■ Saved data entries
----

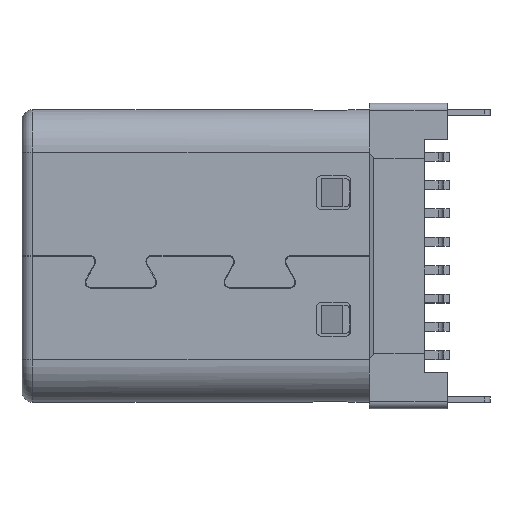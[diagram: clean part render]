
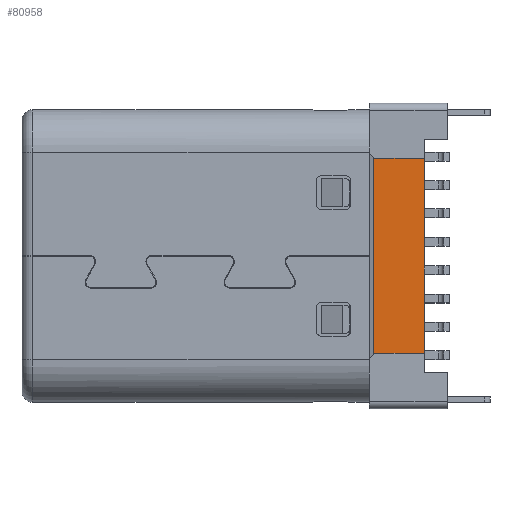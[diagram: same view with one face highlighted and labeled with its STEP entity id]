
A CAD part, top view. The second image highlights one B-rep face of the part: STEP entity #80958.
In plain terms, the highlighted planar face has unit normal (0, 0, 1).
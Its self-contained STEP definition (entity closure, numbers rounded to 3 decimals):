
#1702 = VERTEX_POINT ( 'NONE', #6227 ) ;
#3143 = VECTOR ( 'NONE', #80870, 1000. ) ;
#3337 = EDGE_CURVE ( 'NONE', #69572, #48875, #17302, .T. ) ;
#5786 = LINE ( 'NONE', #55743, #14825 ) ;
#6227 = CARTESIAN_POINT ( 'NONE',  ( 9.914, 7.116, -0.14 ) ) ;
#6626 = VECTOR ( 'NONE', #34510, 1000. ) ;
#12604 = ORIENTED_EDGE ( 'NONE', *, *, #34823, .T. ) ;
#13690 = EDGE_CURVE ( 'NONE', #1702, #70758, #31133, .T. ) ;
#14825 = VECTOR ( 'NONE', #67724, 1000. ) ;
#14972 = EDGE_CURVE ( 'NONE', #69572, #45607, #5786, .T. ) ;
#15472 = CARTESIAN_POINT ( 'NONE',  ( 11.35, 1.58, -0.14 ) ) ;
#15886 = DIRECTION ( 'NONE',  ( 0., -1., 0. ) ) ;
#16373 = EDGE_CURVE ( 'NONE', #45607, #70341, #59484, .T. ) ;
#17302 = LINE ( 'NONE', #67685, #3143 ) ;
#17340 = AXIS2_PLACEMENT_3D ( 'NONE', #79029, #72443, #15886 ) ;
#19632 = LINE ( 'NONE', #45642, #52518 ) ;
#22088 = FACE_OUTER_BOUND ( 'NONE', #28967, .T. ) ;
#25287 = EDGE_CURVE ( 'NONE', #70341, #70758, #40332, .T. ) ;
#25424 = ORIENTED_EDGE ( 'NONE', *, *, #3337, .F. ) ;
#26068 = ORIENTED_EDGE ( 'NONE', *, *, #14972, .T. ) ;
#28113 = CARTESIAN_POINT ( 'NONE',  ( 11.35, 1.58, -0.14 ) ) ;
#28967 = EDGE_LOOP ( 'NONE', ( #75074, #40924, #12604, #25424, #26068, #54502 ) ) ;
#29643 = CARTESIAN_POINT ( 'NONE',  ( 9.914, 1.544, -0.14 ) ) ;
#31133 = LINE ( 'NONE', #56327, #42560 ) ;
#34510 = DIRECTION ( 'NONE',  ( -1., 0., 0. ) ) ;
#34823 = EDGE_CURVE ( 'NONE', #1702, #48875, #19632, .T. ) ;
#40332 = LINE ( 'NONE', #76670, #6626 ) ;
#40656 = CARTESIAN_POINT ( 'NONE',  ( 9.95, 7.08, -0.14 ) ) ;
#40924 = ORIENTED_EDGE ( 'NONE', *, *, #13690, .F. ) ;
#41036 = VECTOR ( 'NONE', #53314, 1000. ) ;
#42560 = VECTOR ( 'NONE', #81481, 1000. ) ;
#45607 = VERTEX_POINT ( 'NONE', #15472 ) ;
#45642 = CARTESIAN_POINT ( 'NONE',  ( 9.914, 7.116, -0.14 ) ) ;
#46443 = DIRECTION ( 'NONE',  ( 0., -1., 0. ) ) ;
#48875 = VERTEX_POINT ( 'NONE', #29643 ) ;
#52518 = VECTOR ( 'NONE', #46443, 1000. ) ;
#53314 = DIRECTION ( 'NONE',  ( 0., 1., 0. ) ) ;
#54502 = ORIENTED_EDGE ( 'NONE', *, *, #16373, .T. ) ;
#55743 = CARTESIAN_POINT ( 'NONE',  ( 9.95, 1.58, -0.14 ) ) ;
#56327 = CARTESIAN_POINT ( 'NONE',  ( 9.914, 7.116, -0.14 ) ) ;
#59484 = LINE ( 'NONE', #28113, #41036 ) ;
#67685 = CARTESIAN_POINT ( 'NONE',  ( 9.95, 1.58, -0.14 ) ) ;
#67724 = DIRECTION ( 'NONE',  ( 1., 0., 0. ) ) ;
#69572 = VERTEX_POINT ( 'NONE', #75011 ) ;
#70341 = VERTEX_POINT ( 'NONE', #77926 ) ;
#70758 = VERTEX_POINT ( 'NONE', #40656 ) ;
#72443 = DIRECTION ( 'NONE',  ( 0., 0., -1. ) ) ;
#73267 = PLANE ( 'NONE',  #17340 ) ;
#75011 = CARTESIAN_POINT ( 'NONE',  ( 9.95, 1.58, -0.14 ) ) ;
#75074 = ORIENTED_EDGE ( 'NONE', *, *, #25287, .T. ) ;
#76670 = CARTESIAN_POINT ( 'NONE',  ( 11.35, 7.08, -0.14 ) ) ;
#77926 = CARTESIAN_POINT ( 'NONE',  ( 11.35, 7.08, -0.14 ) ) ;
#79029 = CARTESIAN_POINT ( 'NONE',  ( 10.58, 44.33, -0.14 ) ) ;
#80870 = DIRECTION ( 'NONE',  ( -0.707, -0.707, 0. ) ) ;
#80958 = ADVANCED_FACE ( 'NONE', ( #22088 ), #73267, .F. ) ;
#81481 = DIRECTION ( 'NONE',  ( 0.707, -0.707, 0. ) ) ;

----

■ Instructions for the task
Every line above should be retyped exactly; the pictures do not belong in the copy.

■ Response to this exercise
[diagram: clean part render]
[diagram: same view with one face highlighted and labeled with its STEP entity id]
A CAD part, top view. The second image highlights one B-rep face of the part: STEP entity #80958.
In plain terms, the highlighted planar face has unit normal (0, 0, 1).
Its self-contained STEP definition (entity closure, numbers rounded to 3 decimals):
#1702 = VERTEX_POINT ( 'NONE', #6227 ) ;
#3143 = VECTOR ( 'NONE', #80870, 1000. ) ;
#3337 = EDGE_CURVE ( 'NONE', #69572, #48875, #17302, .T. ) ;
#5786 = LINE ( 'NONE', #55743, #14825 ) ;
#6227 = CARTESIAN_POINT ( 'NONE',  ( 9.914, 7.116, -0.14 ) ) ;
#6626 = VECTOR ( 'NONE', #34510, 1000. ) ;
#12604 = ORIENTED_EDGE ( 'NONE', *, *, #34823, .T. ) ;
#13690 = EDGE_CURVE ( 'NONE', #1702, #70758, #31133, .T. ) ;
#14825 = VECTOR ( 'NONE', #67724, 1000. ) ;
#14972 = EDGE_CURVE ( 'NONE', #69572, #45607, #5786, .T. ) ;
#15472 = CARTESIAN_POINT ( 'NONE',  ( 11.35, 1.58, -0.14 ) ) ;
#15886 = DIRECTION ( 'NONE',  ( 0., -1., 0. ) ) ;
#16373 = EDGE_CURVE ( 'NONE', #45607, #70341, #59484, .T. ) ;
#17302 = LINE ( 'NONE', #67685, #3143 ) ;
#17340 = AXIS2_PLACEMENT_3D ( 'NONE', #79029, #72443, #15886 ) ;
#19632 = LINE ( 'NONE', #45642, #52518 ) ;
#22088 = FACE_OUTER_BOUND ( 'NONE', #28967, .T. ) ;
#25287 = EDGE_CURVE ( 'NONE', #70341, #70758, #40332, .T. ) ;
#25424 = ORIENTED_EDGE ( 'NONE', *, *, #3337, .F. ) ;
#26068 = ORIENTED_EDGE ( 'NONE', *, *, #14972, .T. ) ;
#28113 = CARTESIAN_POINT ( 'NONE',  ( 11.35, 1.58, -0.14 ) ) ;
#28967 = EDGE_LOOP ( 'NONE', ( #75074, #40924, #12604, #25424, #26068, #54502 ) ) ;
#29643 = CARTESIAN_POINT ( 'NONE',  ( 9.914, 1.544, -0.14 ) ) ;
#31133 = LINE ( 'NONE', #56327, #42560 ) ;
#34510 = DIRECTION ( 'NONE',  ( -1., 0., 0. ) ) ;
#34823 = EDGE_CURVE ( 'NONE', #1702, #48875, #19632, .T. ) ;
#40332 = LINE ( 'NONE', #76670, #6626 ) ;
#40656 = CARTESIAN_POINT ( 'NONE',  ( 9.95, 7.08, -0.14 ) ) ;
#40924 = ORIENTED_EDGE ( 'NONE', *, *, #13690, .F. ) ;
#41036 = VECTOR ( 'NONE', #53314, 1000. ) ;
#42560 = VECTOR ( 'NONE', #81481, 1000. ) ;
#45607 = VERTEX_POINT ( 'NONE', #15472 ) ;
#45642 = CARTESIAN_POINT ( 'NONE',  ( 9.914, 7.116, -0.14 ) ) ;
#46443 = DIRECTION ( 'NONE',  ( 0., -1., 0. ) ) ;
#48875 = VERTEX_POINT ( 'NONE', #29643 ) ;
#52518 = VECTOR ( 'NONE', #46443, 1000. ) ;
#53314 = DIRECTION ( 'NONE',  ( 0., 1., 0. ) ) ;
#54502 = ORIENTED_EDGE ( 'NONE', *, *, #16373, .T. ) ;
#55743 = CARTESIAN_POINT ( 'NONE',  ( 9.95, 1.58, -0.14 ) ) ;
#56327 = CARTESIAN_POINT ( 'NONE',  ( 9.914, 7.116, -0.14 ) ) ;
#59484 = LINE ( 'NONE', #28113, #41036 ) ;
#67685 = CARTESIAN_POINT ( 'NONE',  ( 9.95, 1.58, -0.14 ) ) ;
#67724 = DIRECTION ( 'NONE',  ( 1., 0., 0. ) ) ;
#69572 = VERTEX_POINT ( 'NONE', #75011 ) ;
#70341 = VERTEX_POINT ( 'NONE', #77926 ) ;
#70758 = VERTEX_POINT ( 'NONE', #40656 ) ;
#72443 = DIRECTION ( 'NONE',  ( 0., 0., -1. ) ) ;
#73267 = PLANE ( 'NONE',  #17340 ) ;
#75011 = CARTESIAN_POINT ( 'NONE',  ( 9.95, 1.58, -0.14 ) ) ;
#75074 = ORIENTED_EDGE ( 'NONE', *, *, #25287, .T. ) ;
#76670 = CARTESIAN_POINT ( 'NONE',  ( 11.35, 7.08, -0.14 ) ) ;
#77926 = CARTESIAN_POINT ( 'NONE',  ( 11.35, 7.08, -0.14 ) ) ;
#79029 = CARTESIAN_POINT ( 'NONE',  ( 10.58, 44.33, -0.14 ) ) ;
#80870 = DIRECTION ( 'NONE',  ( -0.707, -0.707, 0. ) ) ;
#80958 = ADVANCED_FACE ( 'NONE', ( #22088 ), #73267, .F. ) ;
#81481 = DIRECTION ( 'NONE',  ( 0.707, -0.707, 0. ) ) ;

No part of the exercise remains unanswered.